What does one do in response to noise? Dance? Mosh? Pogo? I get a bit dismayed by the silent standing crowds of beards. Possibly because my enjoyment of noise is more aesthetic than cerebral, I tend to go a bit nuts (which I know a lot of my fellow concertgoers don't appreciate). Unfortunately where I live, most of the experimental acts around here are more of the droning variety. Which I enjoy, but they inspire an even more subdued response.
 
 
Locust No longer
17:52 / 06.04.06
Slate-- yeah, I dig a few of your recommendations, as well. In fact, I was just looking at the Weird Little Boy album a while ago (that's a cool package).

I think the music of No Fun Fest is slightly different than the Zorn/hafler/Nurse with Wound type of stuff though. It seems far more influenced by the DIY of hardcore punk than the avant garde of Stockhausen or Cage. There's time for both in my listening.
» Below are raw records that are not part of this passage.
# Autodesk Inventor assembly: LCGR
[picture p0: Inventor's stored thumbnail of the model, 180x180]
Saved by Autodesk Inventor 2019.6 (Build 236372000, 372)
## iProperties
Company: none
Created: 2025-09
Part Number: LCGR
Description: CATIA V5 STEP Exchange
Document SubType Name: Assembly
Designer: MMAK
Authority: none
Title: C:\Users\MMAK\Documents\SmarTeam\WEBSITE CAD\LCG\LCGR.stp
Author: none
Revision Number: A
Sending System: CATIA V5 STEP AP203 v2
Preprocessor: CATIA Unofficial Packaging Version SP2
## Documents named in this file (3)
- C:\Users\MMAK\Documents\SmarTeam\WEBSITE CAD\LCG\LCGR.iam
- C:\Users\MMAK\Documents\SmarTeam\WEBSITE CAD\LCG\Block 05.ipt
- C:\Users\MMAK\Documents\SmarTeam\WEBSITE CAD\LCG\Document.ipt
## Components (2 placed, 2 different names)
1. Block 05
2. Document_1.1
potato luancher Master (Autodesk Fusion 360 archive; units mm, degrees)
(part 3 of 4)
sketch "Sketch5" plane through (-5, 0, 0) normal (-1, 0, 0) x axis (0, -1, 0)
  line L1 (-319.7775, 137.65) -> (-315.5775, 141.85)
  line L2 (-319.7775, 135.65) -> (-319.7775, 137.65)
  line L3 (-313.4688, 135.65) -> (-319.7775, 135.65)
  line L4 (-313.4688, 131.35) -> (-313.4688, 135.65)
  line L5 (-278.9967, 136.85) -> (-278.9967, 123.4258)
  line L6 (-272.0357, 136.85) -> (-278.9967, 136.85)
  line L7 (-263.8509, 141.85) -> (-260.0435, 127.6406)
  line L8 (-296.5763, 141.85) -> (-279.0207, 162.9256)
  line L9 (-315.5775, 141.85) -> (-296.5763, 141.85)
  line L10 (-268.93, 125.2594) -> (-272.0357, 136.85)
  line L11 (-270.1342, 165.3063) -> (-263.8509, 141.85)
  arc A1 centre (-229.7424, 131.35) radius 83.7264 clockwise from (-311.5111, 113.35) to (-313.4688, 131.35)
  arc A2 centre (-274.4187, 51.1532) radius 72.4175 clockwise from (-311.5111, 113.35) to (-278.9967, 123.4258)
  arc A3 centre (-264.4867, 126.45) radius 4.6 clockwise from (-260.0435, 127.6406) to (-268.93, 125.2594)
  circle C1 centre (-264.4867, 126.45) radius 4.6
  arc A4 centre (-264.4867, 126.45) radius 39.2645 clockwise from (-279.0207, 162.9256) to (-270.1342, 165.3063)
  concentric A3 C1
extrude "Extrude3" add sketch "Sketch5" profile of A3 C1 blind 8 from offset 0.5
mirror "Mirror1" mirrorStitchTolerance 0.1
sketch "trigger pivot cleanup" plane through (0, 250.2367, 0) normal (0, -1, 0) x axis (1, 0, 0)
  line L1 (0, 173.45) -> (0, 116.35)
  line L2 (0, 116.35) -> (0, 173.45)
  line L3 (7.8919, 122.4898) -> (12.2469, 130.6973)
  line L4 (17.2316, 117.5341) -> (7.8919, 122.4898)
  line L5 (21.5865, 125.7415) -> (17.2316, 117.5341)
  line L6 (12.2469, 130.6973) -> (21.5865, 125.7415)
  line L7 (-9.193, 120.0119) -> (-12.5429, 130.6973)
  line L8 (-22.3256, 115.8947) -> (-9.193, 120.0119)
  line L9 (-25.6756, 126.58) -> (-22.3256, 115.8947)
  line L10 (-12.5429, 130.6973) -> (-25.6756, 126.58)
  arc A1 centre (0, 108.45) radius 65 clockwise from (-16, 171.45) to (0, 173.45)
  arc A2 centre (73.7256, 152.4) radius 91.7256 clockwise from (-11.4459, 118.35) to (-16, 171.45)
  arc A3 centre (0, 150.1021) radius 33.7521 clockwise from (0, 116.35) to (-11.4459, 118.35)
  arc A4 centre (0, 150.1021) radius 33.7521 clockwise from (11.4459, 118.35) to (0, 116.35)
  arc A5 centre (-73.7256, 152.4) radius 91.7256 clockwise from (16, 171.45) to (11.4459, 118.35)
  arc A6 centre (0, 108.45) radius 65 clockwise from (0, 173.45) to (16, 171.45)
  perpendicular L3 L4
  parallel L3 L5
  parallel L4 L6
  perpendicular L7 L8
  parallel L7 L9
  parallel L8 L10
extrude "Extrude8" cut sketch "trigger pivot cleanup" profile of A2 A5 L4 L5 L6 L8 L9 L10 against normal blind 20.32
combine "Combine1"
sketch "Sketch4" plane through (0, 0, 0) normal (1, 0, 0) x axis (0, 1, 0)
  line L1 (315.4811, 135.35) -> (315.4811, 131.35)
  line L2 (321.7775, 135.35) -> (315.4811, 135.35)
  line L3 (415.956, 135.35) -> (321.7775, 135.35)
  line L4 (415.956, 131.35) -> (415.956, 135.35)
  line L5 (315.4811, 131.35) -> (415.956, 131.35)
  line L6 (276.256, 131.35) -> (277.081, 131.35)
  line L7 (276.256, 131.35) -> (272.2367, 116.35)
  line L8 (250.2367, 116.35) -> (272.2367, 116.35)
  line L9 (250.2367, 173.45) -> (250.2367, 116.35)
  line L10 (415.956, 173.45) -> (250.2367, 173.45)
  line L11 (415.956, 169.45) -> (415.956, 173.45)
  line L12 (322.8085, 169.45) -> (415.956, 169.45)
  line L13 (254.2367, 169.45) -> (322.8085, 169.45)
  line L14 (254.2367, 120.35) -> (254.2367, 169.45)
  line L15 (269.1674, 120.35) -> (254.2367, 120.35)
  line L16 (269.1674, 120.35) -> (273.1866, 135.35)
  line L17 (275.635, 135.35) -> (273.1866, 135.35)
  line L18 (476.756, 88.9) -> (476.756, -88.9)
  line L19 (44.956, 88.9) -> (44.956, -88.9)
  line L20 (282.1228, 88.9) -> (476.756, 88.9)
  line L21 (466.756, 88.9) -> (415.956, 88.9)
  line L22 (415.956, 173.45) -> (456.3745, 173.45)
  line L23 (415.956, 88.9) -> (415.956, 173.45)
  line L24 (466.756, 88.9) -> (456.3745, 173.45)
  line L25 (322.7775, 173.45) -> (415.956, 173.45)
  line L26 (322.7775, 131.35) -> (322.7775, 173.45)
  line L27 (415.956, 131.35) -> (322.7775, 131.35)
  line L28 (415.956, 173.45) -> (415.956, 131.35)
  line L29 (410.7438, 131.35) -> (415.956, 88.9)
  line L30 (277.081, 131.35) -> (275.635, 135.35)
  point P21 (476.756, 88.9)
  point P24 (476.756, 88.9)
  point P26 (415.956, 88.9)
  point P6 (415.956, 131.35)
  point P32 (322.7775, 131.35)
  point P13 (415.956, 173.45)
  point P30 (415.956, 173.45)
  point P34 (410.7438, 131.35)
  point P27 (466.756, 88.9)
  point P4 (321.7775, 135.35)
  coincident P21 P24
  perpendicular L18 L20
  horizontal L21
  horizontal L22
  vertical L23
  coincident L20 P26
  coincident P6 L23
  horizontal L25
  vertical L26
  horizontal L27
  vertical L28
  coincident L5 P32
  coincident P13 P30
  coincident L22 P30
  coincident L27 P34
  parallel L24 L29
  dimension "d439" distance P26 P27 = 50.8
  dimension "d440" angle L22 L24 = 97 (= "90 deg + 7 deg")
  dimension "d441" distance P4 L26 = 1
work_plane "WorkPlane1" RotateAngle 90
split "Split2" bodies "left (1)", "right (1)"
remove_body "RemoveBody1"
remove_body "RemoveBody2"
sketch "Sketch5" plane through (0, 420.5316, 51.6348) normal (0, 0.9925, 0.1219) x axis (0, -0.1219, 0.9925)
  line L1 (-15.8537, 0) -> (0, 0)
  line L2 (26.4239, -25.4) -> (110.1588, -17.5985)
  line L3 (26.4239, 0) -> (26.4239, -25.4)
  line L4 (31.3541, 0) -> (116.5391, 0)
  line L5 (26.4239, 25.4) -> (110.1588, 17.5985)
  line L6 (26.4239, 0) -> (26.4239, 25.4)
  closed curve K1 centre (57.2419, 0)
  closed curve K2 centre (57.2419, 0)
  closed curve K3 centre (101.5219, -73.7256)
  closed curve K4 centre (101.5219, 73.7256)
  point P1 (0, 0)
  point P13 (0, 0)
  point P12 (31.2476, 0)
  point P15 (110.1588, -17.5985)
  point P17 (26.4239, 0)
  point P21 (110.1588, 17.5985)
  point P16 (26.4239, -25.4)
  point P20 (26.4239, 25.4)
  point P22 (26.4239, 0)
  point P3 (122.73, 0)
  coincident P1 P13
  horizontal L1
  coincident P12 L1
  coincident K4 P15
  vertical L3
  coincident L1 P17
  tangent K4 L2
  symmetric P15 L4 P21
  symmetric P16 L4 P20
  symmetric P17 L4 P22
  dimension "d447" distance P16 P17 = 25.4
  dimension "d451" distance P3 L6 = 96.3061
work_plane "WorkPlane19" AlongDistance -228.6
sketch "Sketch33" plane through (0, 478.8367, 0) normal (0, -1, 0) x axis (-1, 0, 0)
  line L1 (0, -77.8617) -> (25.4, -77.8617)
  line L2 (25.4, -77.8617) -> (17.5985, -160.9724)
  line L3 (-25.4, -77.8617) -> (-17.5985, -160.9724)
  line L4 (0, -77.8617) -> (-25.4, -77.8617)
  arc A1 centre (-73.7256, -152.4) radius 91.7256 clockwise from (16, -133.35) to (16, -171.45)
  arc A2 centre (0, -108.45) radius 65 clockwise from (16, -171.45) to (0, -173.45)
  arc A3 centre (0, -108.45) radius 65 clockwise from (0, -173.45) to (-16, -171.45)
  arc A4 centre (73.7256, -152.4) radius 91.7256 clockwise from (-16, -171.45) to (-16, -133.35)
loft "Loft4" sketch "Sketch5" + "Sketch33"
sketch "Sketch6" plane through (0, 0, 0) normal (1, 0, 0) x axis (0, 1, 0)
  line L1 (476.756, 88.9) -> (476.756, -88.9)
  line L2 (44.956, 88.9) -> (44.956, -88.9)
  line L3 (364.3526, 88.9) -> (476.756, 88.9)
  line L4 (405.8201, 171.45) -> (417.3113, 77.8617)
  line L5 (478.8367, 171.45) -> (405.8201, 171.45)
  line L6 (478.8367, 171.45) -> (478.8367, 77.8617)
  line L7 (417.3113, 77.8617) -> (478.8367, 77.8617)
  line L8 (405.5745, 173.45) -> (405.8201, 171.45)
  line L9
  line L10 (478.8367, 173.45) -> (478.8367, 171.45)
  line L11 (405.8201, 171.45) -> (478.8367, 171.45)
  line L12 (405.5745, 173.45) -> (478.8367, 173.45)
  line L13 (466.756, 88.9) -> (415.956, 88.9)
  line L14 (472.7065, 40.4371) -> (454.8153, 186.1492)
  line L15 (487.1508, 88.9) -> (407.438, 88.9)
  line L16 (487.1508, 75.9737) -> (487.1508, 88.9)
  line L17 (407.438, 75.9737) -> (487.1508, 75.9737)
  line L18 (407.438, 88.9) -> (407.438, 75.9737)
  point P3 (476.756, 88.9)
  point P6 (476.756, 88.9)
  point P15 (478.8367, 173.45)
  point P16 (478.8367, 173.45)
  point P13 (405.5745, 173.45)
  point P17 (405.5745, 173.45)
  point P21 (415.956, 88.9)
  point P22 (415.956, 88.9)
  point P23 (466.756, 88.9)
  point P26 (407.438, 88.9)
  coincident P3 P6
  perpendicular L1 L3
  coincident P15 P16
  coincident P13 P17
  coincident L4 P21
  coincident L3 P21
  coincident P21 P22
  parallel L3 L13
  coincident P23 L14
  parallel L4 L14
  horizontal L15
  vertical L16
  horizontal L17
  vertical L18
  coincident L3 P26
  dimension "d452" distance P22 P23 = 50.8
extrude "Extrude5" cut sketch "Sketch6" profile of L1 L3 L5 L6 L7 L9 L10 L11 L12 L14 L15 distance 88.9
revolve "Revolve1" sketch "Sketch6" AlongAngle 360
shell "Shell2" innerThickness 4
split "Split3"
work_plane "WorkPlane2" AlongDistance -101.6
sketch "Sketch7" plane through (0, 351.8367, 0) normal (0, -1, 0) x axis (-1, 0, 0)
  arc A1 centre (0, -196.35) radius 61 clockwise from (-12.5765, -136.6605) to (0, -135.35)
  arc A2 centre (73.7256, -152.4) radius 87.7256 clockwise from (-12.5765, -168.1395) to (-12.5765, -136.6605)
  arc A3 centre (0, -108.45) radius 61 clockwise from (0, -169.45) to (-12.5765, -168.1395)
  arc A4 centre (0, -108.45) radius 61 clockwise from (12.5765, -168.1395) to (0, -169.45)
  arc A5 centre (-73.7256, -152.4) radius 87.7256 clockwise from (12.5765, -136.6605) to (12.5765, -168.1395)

I don't know if I dance or mosh or whatever to noise either, Dub. I think I more have a dry-heaving, schizoid way of moving while listening to the stuff. I've found the Magik Markers at times to be above average noise rock and at others to be horribly boring. I haven't seen them live, which may change my opinion. I do like Mouthus when it comes to this new improvised rock noise. Noise definitely makes me want to get up there with an instrument sometimes myself. BUT, it doesn't make me think I should neccesarily punish others with it. I wish some of these guys would just hone their craft a little bit.
 
 
The Return Of Rothkoid
05:45 / 10.04.06
Someone else has Alan Lamb albums too? That's awesome.

His stuff worked very effectively in Wolf Creek and The Boys - which is where most non-noisers would have heard them, I'd guess.
 
 
Harrison Ford, in a battle suit, wheels for feet, knives and guns
16:51 / 19.04.06
Hey Noise fans, Im putting on Wolf Eyes and a load of other noise outfits in a couple of weeks in London. All the info is in the Gathering forum.

Anyone heard Taurpis Tula?
 
 
33
21:24 / 01.08.06
errmm

Can any one possibly recommend where I might be able to hear samples or download some of these groups , ideally for free ?
 
 
lekvar
21:48 / 01.08.06
Have you tried Amazon or MySpace? A lot of bands use MySpace as a means of hosting free samples.
 
 
Phex: Dorset Doom
21:56 / 01.08.06
Sure thing: go to Last.fm ("The last radio you'll ever need! they say, and they're right). You have create an account and download a music-playing thingy, both are free, and from there you can search for all the music that's been tagged with the word 'noise' and the playback software will stream a random selection for you. Alternatively you can enter the names of some noise artists (Merzbow, Nic Endo and Wolf Eyes are the 'big names') and it'll play them and related artists.
 
 
STOATIE LIEKS CHOCOLATE MILK
22:52 / 01.08.06
I'd highly recommend Nic Endo. Everything Whitehouse does, she does better.